# Compliment the personality type above you!



## platorepublic (Dec 27, 2012)

I don't know if this is better than criticizing other personality types. But let's assume so.

Oh and ignore me please :blushed:. I don't need to be complimented to know I am good 

Let's start with him:

[*GUINEA PIG*] <--- he is *ESFP*


----------



## Kittynip (Mar 24, 2013)

Oh, I like this thread. 

Fine... The guinea pig, huh?

ESFP, you guys are great fun. I can always call you up and know I'm going to have a good time. 
Also, you're awesome guinea pigs. So cute.
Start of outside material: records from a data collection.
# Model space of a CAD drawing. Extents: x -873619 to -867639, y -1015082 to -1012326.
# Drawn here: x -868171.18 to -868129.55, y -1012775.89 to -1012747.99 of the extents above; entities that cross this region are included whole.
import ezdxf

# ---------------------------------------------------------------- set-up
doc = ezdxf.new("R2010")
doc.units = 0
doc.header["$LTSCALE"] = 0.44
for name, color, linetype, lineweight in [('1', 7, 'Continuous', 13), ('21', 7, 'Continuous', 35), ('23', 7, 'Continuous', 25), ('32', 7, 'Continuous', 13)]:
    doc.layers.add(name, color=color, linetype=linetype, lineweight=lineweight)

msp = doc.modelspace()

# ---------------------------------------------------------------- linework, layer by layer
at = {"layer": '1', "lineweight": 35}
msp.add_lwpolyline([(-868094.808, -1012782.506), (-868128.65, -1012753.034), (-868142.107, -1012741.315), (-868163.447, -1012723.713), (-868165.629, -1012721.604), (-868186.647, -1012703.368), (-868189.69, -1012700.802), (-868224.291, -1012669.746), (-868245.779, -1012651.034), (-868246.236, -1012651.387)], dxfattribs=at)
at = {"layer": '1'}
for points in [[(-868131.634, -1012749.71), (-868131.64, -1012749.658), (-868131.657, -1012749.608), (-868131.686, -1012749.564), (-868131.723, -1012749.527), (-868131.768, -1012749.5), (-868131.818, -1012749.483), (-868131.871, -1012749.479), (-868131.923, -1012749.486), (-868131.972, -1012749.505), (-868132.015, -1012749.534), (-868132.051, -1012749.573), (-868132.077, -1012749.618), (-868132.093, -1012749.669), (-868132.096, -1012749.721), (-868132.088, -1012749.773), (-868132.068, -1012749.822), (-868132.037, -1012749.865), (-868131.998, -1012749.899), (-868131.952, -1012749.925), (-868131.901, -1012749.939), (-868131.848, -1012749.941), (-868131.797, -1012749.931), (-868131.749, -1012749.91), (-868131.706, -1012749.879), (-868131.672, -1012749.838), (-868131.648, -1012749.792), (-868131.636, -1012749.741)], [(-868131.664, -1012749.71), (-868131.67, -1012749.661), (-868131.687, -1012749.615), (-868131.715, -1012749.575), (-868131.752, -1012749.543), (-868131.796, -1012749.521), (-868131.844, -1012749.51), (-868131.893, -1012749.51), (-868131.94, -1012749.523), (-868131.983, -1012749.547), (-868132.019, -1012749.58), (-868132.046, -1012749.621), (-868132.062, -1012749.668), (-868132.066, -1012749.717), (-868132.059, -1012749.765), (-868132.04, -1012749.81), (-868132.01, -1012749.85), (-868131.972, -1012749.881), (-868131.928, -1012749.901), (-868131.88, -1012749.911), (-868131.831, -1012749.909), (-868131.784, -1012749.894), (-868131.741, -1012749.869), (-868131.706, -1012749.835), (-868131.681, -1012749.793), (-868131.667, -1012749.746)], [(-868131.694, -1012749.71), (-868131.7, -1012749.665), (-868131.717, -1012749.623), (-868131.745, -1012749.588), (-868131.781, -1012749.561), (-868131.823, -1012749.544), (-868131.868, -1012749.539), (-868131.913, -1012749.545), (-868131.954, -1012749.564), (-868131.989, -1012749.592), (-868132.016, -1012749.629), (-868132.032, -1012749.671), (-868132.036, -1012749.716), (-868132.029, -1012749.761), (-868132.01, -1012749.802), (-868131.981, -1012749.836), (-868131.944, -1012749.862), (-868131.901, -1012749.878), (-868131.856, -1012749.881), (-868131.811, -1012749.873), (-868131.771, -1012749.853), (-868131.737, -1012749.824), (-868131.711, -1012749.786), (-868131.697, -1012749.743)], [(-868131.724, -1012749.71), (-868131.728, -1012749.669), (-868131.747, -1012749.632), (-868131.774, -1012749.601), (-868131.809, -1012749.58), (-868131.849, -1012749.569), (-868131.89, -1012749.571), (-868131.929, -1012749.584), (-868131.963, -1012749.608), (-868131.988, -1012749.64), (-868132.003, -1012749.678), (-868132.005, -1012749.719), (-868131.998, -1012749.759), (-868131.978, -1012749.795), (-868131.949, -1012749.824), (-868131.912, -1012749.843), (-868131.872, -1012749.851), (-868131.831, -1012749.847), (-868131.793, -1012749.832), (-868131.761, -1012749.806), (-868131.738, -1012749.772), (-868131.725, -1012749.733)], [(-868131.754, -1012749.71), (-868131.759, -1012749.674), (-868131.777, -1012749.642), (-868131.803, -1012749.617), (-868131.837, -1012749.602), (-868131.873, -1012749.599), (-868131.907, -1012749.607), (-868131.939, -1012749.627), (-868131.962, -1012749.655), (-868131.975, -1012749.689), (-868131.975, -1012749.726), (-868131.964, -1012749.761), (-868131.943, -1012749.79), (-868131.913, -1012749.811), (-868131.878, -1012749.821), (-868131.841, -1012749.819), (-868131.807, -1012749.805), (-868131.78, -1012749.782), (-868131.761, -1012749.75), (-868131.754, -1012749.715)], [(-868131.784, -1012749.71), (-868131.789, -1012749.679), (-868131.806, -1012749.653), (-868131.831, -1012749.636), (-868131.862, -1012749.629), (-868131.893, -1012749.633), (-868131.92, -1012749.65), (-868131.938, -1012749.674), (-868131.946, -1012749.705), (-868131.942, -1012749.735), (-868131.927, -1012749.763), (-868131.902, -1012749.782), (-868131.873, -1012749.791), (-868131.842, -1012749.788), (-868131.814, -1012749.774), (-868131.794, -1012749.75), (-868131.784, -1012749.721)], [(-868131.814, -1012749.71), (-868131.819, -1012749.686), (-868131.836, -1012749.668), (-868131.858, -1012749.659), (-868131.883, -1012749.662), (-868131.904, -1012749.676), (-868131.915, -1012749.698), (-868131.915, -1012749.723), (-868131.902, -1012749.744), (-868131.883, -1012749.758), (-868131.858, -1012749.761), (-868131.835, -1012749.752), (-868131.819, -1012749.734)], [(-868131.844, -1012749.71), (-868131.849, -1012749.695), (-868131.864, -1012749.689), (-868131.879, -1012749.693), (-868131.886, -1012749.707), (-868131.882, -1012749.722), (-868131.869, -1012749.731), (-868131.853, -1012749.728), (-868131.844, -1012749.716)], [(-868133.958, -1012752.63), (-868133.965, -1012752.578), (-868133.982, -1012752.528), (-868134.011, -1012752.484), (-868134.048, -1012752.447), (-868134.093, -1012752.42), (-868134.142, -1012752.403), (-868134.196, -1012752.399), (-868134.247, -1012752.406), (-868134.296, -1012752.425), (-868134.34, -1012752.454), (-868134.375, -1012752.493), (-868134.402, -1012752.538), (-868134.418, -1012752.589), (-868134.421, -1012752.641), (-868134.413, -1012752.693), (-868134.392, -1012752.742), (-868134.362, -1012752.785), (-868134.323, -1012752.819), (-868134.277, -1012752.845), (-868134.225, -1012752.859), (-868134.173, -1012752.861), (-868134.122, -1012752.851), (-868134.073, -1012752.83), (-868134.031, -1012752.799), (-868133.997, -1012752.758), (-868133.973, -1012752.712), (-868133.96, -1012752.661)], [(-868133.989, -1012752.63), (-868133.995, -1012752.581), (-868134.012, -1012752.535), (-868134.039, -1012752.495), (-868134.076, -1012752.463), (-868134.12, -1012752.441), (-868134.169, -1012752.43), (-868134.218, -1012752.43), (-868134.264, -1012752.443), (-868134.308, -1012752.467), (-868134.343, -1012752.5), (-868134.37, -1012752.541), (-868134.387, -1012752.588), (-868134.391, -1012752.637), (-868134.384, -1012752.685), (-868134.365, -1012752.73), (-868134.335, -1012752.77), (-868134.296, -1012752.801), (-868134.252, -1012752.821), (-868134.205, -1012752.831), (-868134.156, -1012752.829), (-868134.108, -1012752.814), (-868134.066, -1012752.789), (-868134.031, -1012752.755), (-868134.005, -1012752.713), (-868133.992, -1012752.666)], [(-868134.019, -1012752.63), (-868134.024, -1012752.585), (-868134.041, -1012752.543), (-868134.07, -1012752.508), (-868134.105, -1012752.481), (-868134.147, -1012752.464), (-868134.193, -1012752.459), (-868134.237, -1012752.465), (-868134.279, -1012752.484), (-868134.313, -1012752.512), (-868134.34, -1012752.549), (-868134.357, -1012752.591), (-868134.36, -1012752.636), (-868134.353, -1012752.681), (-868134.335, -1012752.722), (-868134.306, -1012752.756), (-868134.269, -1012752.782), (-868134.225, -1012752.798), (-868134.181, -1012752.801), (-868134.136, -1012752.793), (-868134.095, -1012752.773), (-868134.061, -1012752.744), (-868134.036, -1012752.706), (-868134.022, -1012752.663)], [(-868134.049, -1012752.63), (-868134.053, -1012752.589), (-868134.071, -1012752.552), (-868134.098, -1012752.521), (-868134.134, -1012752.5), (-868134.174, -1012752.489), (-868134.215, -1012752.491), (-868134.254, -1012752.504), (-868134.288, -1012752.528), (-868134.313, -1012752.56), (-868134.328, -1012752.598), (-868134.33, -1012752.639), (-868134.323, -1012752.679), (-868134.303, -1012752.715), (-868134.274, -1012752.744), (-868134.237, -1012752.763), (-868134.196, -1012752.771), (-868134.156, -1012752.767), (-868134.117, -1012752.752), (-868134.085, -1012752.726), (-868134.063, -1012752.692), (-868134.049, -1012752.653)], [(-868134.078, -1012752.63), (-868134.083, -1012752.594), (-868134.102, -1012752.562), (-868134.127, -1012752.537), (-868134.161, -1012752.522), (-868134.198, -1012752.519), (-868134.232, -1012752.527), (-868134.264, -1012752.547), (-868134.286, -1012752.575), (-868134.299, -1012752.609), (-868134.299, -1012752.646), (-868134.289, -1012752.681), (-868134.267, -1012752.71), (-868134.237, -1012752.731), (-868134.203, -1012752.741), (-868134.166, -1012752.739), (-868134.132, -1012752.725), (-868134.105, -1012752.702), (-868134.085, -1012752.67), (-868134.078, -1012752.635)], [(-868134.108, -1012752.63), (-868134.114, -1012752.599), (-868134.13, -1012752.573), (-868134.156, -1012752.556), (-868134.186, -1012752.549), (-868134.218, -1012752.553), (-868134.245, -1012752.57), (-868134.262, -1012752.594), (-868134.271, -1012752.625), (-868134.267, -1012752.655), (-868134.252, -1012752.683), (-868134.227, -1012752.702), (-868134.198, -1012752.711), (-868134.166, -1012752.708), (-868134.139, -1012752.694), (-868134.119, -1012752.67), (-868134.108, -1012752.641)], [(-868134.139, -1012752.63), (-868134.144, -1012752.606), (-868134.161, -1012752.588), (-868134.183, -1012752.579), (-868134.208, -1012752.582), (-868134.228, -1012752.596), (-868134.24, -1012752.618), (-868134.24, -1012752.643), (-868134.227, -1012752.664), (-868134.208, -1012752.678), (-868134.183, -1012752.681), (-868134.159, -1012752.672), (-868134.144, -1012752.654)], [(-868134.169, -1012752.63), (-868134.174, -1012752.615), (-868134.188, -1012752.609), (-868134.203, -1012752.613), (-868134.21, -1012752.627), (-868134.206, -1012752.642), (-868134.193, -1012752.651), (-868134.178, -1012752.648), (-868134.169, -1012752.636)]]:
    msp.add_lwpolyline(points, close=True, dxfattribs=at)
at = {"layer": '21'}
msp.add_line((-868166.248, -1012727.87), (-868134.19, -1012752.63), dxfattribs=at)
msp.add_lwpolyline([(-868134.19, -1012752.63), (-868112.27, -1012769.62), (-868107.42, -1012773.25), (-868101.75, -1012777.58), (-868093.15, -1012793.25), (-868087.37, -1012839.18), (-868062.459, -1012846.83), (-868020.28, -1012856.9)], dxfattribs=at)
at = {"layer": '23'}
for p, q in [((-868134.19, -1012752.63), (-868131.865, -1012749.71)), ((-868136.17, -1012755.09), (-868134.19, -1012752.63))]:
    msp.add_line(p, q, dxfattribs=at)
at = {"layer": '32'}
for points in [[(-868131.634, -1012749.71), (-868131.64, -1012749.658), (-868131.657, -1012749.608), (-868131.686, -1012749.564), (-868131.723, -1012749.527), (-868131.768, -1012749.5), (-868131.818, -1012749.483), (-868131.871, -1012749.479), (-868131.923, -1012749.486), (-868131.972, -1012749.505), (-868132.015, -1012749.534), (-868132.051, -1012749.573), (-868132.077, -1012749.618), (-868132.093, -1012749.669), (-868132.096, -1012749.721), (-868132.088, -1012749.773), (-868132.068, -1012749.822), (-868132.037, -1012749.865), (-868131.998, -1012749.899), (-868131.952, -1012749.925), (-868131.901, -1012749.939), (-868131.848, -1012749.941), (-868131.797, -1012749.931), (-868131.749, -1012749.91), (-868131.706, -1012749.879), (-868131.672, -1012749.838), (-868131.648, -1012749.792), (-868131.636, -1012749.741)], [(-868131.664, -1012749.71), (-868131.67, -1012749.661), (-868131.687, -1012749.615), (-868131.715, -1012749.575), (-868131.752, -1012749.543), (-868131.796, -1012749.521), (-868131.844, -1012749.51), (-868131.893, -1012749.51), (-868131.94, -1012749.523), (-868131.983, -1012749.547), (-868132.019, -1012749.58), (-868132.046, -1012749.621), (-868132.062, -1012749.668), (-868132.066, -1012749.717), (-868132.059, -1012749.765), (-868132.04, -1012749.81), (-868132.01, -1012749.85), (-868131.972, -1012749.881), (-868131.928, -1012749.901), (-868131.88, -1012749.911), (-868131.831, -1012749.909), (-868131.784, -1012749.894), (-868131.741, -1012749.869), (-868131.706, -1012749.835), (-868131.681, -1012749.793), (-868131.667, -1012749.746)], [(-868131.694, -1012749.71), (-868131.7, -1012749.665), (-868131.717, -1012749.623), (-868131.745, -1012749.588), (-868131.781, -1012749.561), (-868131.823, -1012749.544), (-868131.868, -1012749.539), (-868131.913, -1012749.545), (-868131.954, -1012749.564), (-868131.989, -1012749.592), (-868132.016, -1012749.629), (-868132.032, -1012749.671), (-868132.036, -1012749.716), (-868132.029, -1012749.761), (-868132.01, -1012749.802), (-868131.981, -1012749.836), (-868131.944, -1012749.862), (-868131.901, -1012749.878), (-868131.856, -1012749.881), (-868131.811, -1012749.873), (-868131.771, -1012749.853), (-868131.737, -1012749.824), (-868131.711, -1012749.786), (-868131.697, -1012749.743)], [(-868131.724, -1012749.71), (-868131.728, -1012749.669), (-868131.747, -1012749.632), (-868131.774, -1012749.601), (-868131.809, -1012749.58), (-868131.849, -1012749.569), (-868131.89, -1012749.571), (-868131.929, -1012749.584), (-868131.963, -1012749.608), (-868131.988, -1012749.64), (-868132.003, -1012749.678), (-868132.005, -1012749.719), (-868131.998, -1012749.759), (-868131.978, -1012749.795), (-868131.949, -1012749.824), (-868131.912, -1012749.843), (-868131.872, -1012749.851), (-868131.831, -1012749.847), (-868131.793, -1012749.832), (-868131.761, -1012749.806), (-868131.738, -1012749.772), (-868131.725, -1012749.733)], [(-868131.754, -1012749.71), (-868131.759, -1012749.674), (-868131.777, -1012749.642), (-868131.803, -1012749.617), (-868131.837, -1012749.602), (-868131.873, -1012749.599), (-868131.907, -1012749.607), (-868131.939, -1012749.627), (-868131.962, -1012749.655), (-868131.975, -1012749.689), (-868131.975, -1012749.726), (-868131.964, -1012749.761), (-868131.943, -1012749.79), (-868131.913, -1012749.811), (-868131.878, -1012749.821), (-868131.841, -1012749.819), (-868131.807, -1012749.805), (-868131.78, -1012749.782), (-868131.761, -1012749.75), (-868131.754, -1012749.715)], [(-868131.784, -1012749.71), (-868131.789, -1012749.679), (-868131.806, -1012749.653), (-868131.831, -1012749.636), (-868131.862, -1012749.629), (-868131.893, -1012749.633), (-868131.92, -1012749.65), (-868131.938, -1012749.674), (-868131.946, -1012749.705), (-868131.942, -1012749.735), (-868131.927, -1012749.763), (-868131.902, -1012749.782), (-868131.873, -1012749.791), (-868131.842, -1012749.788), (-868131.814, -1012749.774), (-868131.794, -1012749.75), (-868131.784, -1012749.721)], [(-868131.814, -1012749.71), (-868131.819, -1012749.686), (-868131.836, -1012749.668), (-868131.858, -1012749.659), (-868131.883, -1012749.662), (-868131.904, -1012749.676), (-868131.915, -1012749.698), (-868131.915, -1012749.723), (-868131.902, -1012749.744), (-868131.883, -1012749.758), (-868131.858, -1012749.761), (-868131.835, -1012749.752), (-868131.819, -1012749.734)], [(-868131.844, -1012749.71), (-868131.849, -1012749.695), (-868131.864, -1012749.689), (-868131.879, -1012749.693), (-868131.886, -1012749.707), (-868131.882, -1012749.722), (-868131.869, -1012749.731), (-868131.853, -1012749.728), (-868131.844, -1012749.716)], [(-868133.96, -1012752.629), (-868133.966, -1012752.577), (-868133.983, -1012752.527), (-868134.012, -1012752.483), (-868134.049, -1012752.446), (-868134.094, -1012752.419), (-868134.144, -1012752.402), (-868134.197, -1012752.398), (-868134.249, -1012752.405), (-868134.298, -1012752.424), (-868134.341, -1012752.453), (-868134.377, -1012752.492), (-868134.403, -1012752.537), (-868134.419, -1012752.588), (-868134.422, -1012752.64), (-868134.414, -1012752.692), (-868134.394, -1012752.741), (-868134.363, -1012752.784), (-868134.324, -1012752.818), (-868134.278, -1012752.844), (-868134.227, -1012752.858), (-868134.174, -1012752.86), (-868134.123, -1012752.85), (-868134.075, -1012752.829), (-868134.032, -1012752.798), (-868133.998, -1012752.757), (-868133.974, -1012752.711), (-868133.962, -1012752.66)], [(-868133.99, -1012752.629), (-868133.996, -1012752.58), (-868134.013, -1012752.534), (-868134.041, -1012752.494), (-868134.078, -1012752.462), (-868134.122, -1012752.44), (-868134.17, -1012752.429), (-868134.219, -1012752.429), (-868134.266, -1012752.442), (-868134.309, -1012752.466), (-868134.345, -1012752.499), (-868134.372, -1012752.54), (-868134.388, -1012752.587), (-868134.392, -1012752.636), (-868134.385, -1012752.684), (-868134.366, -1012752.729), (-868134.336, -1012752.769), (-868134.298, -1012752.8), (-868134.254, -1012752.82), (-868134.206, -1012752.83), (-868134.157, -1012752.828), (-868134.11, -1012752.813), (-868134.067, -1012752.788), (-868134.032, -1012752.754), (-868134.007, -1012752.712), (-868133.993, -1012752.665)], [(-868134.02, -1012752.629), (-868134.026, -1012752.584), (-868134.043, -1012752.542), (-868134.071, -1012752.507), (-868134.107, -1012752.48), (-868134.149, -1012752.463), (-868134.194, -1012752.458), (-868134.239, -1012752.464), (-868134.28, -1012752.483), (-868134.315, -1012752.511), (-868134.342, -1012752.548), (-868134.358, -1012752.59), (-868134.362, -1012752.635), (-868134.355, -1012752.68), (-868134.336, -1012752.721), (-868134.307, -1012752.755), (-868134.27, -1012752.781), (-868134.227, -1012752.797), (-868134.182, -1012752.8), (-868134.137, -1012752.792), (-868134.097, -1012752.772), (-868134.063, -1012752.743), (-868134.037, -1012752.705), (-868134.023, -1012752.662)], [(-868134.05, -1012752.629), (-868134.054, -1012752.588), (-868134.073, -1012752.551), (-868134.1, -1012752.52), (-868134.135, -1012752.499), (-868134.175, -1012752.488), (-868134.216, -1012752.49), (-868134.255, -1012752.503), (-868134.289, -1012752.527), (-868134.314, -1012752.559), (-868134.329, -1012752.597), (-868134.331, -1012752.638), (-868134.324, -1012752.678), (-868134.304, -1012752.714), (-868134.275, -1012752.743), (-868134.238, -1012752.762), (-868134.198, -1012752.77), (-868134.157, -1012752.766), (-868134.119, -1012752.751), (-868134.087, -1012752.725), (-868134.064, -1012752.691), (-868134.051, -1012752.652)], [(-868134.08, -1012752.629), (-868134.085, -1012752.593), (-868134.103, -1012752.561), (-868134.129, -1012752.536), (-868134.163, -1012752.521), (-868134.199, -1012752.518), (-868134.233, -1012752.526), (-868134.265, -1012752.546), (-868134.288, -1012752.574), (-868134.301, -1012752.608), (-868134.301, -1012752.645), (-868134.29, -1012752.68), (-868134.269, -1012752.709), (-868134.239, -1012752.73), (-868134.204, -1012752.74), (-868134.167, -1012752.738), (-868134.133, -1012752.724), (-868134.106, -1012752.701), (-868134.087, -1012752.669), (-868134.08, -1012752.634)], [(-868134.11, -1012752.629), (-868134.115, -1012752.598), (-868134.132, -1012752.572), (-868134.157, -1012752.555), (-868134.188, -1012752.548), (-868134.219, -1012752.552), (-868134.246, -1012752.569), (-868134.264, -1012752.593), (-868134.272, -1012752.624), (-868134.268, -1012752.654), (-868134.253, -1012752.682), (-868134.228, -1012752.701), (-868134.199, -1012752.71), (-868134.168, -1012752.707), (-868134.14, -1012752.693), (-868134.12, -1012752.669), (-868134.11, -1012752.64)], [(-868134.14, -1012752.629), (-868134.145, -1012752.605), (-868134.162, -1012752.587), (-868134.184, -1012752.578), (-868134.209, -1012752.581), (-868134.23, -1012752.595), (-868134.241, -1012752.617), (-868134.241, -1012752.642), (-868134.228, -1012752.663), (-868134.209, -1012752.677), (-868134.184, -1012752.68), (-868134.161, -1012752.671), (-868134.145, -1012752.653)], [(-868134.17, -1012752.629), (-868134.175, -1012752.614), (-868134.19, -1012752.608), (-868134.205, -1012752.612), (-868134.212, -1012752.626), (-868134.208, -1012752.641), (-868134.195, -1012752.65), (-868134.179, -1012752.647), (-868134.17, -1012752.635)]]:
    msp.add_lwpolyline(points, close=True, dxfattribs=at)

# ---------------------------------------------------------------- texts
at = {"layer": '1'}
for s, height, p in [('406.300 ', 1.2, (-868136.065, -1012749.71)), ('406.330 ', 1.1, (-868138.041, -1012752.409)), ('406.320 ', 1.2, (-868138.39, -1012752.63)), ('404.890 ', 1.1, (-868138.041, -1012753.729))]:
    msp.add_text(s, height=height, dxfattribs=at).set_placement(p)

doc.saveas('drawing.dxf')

So cuddly. Awww.


----------



## lethal lava land (Aug 2, 2011)

ENTPs are bright, funny and a pleasure to be around


----------



## Pogona Vitticeps (Mar 18, 2013)

ENTP, you are so damn funny. Are you a comedian or something? If not you should be.


----------



## Snow (Oct 19, 2010)

INTPs aren't too boring. They aren't too sarcastic. They're pretty okay.


----------



## ivi (Jul 18, 2013)

INTPs have some really amazing ideas.


----------



## Purple Lemon (Jul 20, 2013)

INTJs are just awesome!
I love how sincere and honest they are.


----------



## Pogona Vitticeps (Mar 18, 2013)

Wanting to befriend all MBTI types is an interesting and good goal. If you succeed you probably won't get brought down by your own biases as much. I wish you luck ENFP.


----------



## AustenT09 (Jul 8, 2013)

INTP's are funny, open-minded, and non-judgmental. My best friend is one and I love her crazy ideas.


----------



## Opus (Feb 12, 2013)

ISTP, you always know how to cut through people's bullshit.


----------



## kareem (Jan 30, 2013)

INFJ i love your personality ^_^ You're deep, fun loving, outgoing yet reserved, almost psychic with some superpowers!


----------



## Sporadic Aura (Sep 13, 2009)

enfp's are consistently extremely funny... and usually have an energy about them that makes me feel alive and happy.


----------



## Opus (Feb 12, 2013)

ENTP, you know what is common between a raven and a writing desk.


----------



## Pogona Vitticeps (Mar 18, 2013)

INFJ, your username is awesome.


----------



## Moss Icon (Mar 29, 2011)

INTPs, you are the alternative epitome of cool. Really.


----------



## Tharwen (Mar 20, 2013)

infp's are silly and lively. its fun to watch you go at your life. you also have amazing people reading skills.


----------



## Kittynip (Mar 24, 2013)

INFJ's, you guys are awesome!!! 
You're loyal and empathetic and just overall sweet. 
Lots of great depth to you guys.


----------



## Tharwen (Mar 20, 2013)

i would do all kinds of affectionate things with your kind, and its a nice thing you arent stupid so i wont have to be disappointed in you.


----------



## Emtropy (Feb 3, 2013)

INFJs, i love your deep insight about everything, but particularly how others feel. You guys are so accommodating. 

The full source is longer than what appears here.